With all pictures omitted, return verbatim the lines from the beginning of the records below through the line containing "for name, color, linetype".

=== Study material ===

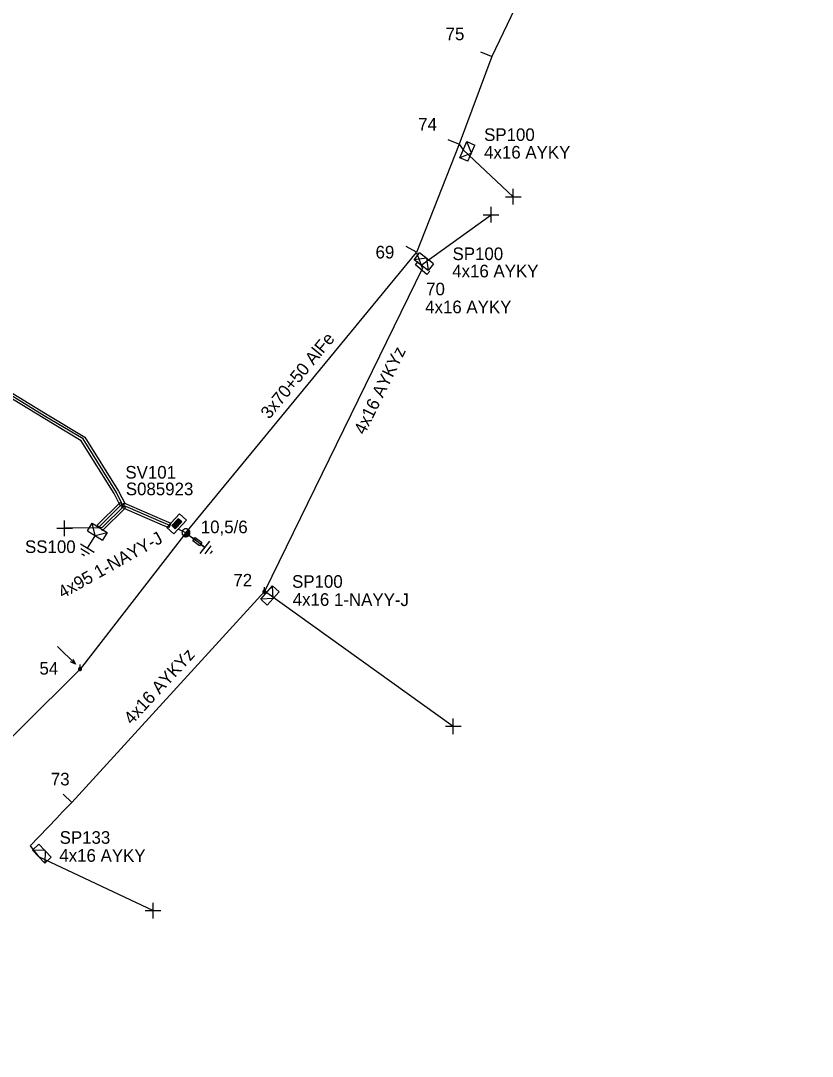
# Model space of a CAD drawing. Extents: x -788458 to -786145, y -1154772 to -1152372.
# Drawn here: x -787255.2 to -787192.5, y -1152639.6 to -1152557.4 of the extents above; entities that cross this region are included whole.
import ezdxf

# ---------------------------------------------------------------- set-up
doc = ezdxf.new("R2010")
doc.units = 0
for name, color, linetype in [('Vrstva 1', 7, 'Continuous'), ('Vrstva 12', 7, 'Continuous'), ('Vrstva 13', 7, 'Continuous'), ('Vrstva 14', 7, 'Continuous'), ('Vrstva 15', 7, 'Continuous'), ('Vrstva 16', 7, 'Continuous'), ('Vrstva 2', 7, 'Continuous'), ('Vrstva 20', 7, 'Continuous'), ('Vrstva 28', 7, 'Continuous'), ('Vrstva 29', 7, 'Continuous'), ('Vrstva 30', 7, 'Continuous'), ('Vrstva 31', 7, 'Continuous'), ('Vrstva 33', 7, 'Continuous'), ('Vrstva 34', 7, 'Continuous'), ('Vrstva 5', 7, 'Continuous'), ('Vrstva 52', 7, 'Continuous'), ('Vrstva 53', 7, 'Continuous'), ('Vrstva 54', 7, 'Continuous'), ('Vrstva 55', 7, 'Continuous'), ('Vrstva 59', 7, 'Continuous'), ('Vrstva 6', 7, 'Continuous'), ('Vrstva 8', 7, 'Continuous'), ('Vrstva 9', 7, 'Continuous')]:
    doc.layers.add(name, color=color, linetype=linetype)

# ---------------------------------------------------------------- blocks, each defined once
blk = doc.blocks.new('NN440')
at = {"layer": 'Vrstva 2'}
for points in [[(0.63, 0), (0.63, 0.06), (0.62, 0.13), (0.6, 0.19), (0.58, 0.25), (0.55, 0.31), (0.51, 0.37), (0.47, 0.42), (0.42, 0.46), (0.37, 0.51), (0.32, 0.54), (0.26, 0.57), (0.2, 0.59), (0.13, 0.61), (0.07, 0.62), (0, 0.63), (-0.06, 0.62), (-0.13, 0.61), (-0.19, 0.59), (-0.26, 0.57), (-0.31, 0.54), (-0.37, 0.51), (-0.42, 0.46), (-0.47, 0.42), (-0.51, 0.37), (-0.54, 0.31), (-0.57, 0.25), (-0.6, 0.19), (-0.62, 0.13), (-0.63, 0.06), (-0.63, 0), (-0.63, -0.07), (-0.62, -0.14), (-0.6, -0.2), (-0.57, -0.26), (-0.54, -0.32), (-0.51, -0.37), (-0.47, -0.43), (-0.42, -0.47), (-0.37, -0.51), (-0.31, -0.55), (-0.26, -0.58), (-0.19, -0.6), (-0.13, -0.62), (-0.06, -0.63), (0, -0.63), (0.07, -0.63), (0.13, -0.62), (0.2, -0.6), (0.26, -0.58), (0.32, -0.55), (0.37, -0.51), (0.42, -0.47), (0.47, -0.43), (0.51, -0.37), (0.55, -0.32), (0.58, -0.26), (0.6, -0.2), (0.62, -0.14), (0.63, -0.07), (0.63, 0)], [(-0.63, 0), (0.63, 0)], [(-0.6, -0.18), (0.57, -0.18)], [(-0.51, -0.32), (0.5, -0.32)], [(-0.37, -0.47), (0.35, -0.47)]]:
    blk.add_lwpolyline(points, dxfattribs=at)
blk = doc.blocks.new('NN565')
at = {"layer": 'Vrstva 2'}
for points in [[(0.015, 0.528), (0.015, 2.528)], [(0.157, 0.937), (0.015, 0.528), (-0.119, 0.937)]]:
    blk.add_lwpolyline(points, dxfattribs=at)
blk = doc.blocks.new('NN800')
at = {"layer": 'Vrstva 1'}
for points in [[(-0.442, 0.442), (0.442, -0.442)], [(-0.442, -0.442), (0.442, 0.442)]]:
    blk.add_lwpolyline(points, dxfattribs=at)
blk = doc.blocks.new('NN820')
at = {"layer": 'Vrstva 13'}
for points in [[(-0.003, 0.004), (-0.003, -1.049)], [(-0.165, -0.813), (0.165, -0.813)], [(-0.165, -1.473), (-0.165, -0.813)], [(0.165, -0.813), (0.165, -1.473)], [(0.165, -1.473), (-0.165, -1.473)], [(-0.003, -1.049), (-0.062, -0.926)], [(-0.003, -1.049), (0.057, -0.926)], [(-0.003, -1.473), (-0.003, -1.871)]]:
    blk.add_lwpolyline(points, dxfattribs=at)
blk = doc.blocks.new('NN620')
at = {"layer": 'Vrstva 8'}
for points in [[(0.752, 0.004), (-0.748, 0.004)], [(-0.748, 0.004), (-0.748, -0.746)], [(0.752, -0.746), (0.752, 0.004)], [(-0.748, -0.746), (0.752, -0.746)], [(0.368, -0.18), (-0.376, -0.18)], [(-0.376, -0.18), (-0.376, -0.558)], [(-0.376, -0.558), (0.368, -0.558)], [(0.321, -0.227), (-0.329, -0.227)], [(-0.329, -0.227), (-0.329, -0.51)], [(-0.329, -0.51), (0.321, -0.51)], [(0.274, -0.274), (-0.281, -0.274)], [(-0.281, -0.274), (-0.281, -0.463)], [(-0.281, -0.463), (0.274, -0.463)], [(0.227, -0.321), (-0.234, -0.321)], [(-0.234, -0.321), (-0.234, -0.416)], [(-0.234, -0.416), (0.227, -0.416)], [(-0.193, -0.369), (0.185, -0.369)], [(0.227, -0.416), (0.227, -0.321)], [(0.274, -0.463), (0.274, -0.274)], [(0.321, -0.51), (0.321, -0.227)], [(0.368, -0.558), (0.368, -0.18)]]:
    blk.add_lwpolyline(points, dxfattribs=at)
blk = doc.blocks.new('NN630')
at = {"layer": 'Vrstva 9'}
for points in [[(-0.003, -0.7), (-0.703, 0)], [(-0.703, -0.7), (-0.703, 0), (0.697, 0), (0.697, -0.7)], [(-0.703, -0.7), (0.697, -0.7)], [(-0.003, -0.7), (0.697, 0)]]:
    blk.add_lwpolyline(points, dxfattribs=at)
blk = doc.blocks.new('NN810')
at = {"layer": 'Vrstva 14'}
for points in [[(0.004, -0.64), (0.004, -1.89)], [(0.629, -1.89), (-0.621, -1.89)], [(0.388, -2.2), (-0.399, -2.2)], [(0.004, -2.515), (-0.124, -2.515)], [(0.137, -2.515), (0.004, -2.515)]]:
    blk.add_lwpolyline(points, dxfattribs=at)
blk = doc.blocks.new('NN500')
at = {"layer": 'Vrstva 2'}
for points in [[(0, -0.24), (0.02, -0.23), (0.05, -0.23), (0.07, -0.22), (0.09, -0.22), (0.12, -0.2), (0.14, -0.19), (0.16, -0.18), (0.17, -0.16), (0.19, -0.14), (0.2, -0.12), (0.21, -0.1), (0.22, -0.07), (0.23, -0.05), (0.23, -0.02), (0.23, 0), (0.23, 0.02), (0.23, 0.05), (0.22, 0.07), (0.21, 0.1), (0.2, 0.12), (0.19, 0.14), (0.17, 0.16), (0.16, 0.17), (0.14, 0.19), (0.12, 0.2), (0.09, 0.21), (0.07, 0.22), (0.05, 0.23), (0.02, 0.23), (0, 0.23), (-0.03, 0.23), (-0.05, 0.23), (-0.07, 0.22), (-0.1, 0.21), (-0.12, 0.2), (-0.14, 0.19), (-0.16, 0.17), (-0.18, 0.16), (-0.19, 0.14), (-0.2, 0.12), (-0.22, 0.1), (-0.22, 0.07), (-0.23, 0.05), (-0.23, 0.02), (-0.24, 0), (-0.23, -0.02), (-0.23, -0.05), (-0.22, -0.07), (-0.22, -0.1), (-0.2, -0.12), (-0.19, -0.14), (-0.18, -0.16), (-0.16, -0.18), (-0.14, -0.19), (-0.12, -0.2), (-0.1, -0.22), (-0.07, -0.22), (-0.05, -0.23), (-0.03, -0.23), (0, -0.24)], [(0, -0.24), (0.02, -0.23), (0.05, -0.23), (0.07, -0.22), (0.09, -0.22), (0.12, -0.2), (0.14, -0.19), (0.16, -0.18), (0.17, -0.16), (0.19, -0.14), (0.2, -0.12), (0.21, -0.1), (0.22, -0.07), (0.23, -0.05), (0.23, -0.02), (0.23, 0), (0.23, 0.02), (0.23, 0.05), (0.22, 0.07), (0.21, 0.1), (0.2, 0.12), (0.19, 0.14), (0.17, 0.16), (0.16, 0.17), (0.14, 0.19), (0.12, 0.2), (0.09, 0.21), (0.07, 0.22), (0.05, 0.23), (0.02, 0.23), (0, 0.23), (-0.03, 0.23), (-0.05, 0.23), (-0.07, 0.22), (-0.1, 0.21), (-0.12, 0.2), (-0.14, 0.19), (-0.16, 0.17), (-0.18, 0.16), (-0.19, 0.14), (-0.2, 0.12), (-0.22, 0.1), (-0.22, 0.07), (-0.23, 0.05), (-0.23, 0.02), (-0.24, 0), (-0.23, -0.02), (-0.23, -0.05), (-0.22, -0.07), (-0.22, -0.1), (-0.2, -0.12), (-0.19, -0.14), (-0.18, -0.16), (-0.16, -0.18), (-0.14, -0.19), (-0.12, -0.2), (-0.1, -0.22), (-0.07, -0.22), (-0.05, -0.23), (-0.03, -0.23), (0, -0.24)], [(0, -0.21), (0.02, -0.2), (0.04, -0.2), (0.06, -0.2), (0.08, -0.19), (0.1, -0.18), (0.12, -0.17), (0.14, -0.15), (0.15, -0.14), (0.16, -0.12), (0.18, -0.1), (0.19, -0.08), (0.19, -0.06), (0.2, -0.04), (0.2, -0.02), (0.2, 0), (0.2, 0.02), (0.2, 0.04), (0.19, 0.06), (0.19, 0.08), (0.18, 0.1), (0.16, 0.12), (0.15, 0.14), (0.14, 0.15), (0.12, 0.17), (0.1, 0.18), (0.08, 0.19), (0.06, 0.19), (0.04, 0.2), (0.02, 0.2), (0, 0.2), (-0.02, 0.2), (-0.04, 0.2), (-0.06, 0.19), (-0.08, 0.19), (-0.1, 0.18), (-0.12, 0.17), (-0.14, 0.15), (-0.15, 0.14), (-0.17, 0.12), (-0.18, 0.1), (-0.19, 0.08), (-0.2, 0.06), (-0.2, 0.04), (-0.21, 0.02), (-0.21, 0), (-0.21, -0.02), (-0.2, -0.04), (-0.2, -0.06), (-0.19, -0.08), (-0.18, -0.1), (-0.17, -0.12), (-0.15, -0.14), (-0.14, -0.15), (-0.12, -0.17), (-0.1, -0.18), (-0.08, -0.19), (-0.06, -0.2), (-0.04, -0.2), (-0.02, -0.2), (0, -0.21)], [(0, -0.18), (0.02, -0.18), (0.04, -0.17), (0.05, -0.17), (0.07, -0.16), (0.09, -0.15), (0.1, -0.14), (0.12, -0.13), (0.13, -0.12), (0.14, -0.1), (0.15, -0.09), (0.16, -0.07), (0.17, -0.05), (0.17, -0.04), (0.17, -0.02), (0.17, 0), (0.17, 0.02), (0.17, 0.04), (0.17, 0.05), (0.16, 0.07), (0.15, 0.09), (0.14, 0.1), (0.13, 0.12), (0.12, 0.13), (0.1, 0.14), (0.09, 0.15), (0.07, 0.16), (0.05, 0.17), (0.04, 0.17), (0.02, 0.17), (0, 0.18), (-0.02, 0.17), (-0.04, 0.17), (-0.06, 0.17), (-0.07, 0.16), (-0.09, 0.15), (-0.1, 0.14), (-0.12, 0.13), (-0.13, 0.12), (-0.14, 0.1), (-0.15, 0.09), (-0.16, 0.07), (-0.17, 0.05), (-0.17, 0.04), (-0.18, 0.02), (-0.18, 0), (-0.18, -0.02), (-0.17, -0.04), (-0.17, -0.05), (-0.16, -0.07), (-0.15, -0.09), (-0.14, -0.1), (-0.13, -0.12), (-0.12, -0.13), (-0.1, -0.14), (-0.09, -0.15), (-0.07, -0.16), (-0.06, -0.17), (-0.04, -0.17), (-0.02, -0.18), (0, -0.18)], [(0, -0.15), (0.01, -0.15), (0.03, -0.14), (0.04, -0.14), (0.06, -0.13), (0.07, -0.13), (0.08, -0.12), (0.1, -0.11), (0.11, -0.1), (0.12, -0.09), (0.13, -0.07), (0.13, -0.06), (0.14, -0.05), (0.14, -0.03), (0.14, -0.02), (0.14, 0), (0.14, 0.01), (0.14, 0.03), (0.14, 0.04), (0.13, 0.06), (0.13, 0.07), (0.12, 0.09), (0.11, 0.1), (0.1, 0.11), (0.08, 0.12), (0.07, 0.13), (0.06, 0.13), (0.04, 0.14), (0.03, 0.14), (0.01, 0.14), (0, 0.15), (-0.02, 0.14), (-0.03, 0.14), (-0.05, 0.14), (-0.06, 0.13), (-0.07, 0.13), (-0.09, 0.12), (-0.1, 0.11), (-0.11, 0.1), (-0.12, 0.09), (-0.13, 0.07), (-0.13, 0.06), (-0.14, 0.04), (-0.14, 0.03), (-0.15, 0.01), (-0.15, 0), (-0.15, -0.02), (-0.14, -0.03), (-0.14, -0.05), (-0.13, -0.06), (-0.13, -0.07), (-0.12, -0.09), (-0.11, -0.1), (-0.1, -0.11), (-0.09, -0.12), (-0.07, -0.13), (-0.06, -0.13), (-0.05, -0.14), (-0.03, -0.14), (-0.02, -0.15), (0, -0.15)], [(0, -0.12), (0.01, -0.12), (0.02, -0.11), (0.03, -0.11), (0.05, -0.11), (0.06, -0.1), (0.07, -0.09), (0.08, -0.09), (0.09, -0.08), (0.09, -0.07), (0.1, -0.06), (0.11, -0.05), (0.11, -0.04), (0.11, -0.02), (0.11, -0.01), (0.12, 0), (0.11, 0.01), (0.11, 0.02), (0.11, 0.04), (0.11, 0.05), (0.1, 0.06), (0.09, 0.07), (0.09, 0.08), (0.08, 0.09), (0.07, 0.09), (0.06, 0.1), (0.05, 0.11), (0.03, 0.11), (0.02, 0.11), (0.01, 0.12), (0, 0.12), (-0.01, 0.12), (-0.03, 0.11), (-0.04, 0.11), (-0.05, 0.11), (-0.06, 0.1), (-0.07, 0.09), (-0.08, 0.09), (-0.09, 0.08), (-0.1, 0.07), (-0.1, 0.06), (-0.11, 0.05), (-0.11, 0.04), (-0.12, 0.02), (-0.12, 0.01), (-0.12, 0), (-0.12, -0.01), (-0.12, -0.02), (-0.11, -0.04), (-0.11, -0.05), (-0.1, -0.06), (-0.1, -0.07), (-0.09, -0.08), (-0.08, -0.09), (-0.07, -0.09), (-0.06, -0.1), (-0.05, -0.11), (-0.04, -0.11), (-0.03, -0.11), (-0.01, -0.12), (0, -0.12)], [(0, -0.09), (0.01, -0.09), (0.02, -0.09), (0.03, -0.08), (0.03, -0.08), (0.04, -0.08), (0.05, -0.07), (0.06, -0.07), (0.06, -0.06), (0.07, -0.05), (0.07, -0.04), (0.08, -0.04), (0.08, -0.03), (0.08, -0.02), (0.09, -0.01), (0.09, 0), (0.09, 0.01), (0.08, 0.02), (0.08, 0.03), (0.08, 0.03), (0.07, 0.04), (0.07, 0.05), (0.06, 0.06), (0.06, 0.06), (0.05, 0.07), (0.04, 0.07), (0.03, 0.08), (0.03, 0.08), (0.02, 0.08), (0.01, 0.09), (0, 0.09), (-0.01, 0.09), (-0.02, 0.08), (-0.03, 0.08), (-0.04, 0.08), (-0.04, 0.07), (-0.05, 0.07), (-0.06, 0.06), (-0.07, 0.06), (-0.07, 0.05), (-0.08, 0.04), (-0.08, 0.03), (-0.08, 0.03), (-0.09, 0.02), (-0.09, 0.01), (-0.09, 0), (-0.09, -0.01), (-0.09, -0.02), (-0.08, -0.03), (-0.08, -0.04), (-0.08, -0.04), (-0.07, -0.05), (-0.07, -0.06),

===

(Written answer)
# Model space of a CAD drawing. Extents: x -788458 to -786145, y -1154772 to -1152372.
# Drawn here: x -787255.2 to -787192.5, y -1152639.6 to -1152557.4 of the extents above; entities that cross this region are included whole.
import ezdxf

# ---------------------------------------------------------------- set-up
doc = ezdxf.new("R2010")
doc.units = 0
for name, color, linetype in [('Vrstva 1', 7, 'Continuous'), ('Vrstva 12', 7, 'Continuous'), ('Vrstva 13', 7, 'Continuous'), ('Vrstva 14', 7, 'Continuous'), ('Vrstva 15', 7, 'Continuous'), ('Vrstva 16', 7, 'Continuous'), ('Vrstva 2', 7, 'Continuous'), ('Vrstva 20', 7, 'Continuous'), ('Vrstva 28', 7, 'Continuous'), ('Vrstva 29', 7, 'Continuous'), ('Vrstva 30', 7, 'Continuous'), ('Vrstva 31', 7, 'Continuous'), ('Vrstva 33', 7, 'Continuous'), ('Vrstva 34', 7, 'Continuous'), ('Vrstva 5', 7, 'Continuous'), ('Vrstva 52', 7, 'Continuous'), ('Vrstva 53', 7, 'Continuous'), ('Vrstva 54', 7, 'Continuous'), ('Vrstva 55', 7, 'Continuous'), ('Vrstva 59', 7, 'Continuous'), ('Vrstva 6', 7, 'Continuous'), ('Vrstva 8', 7, 'Continuous'), ('Vrstva 9', 7, 'Continuous')]:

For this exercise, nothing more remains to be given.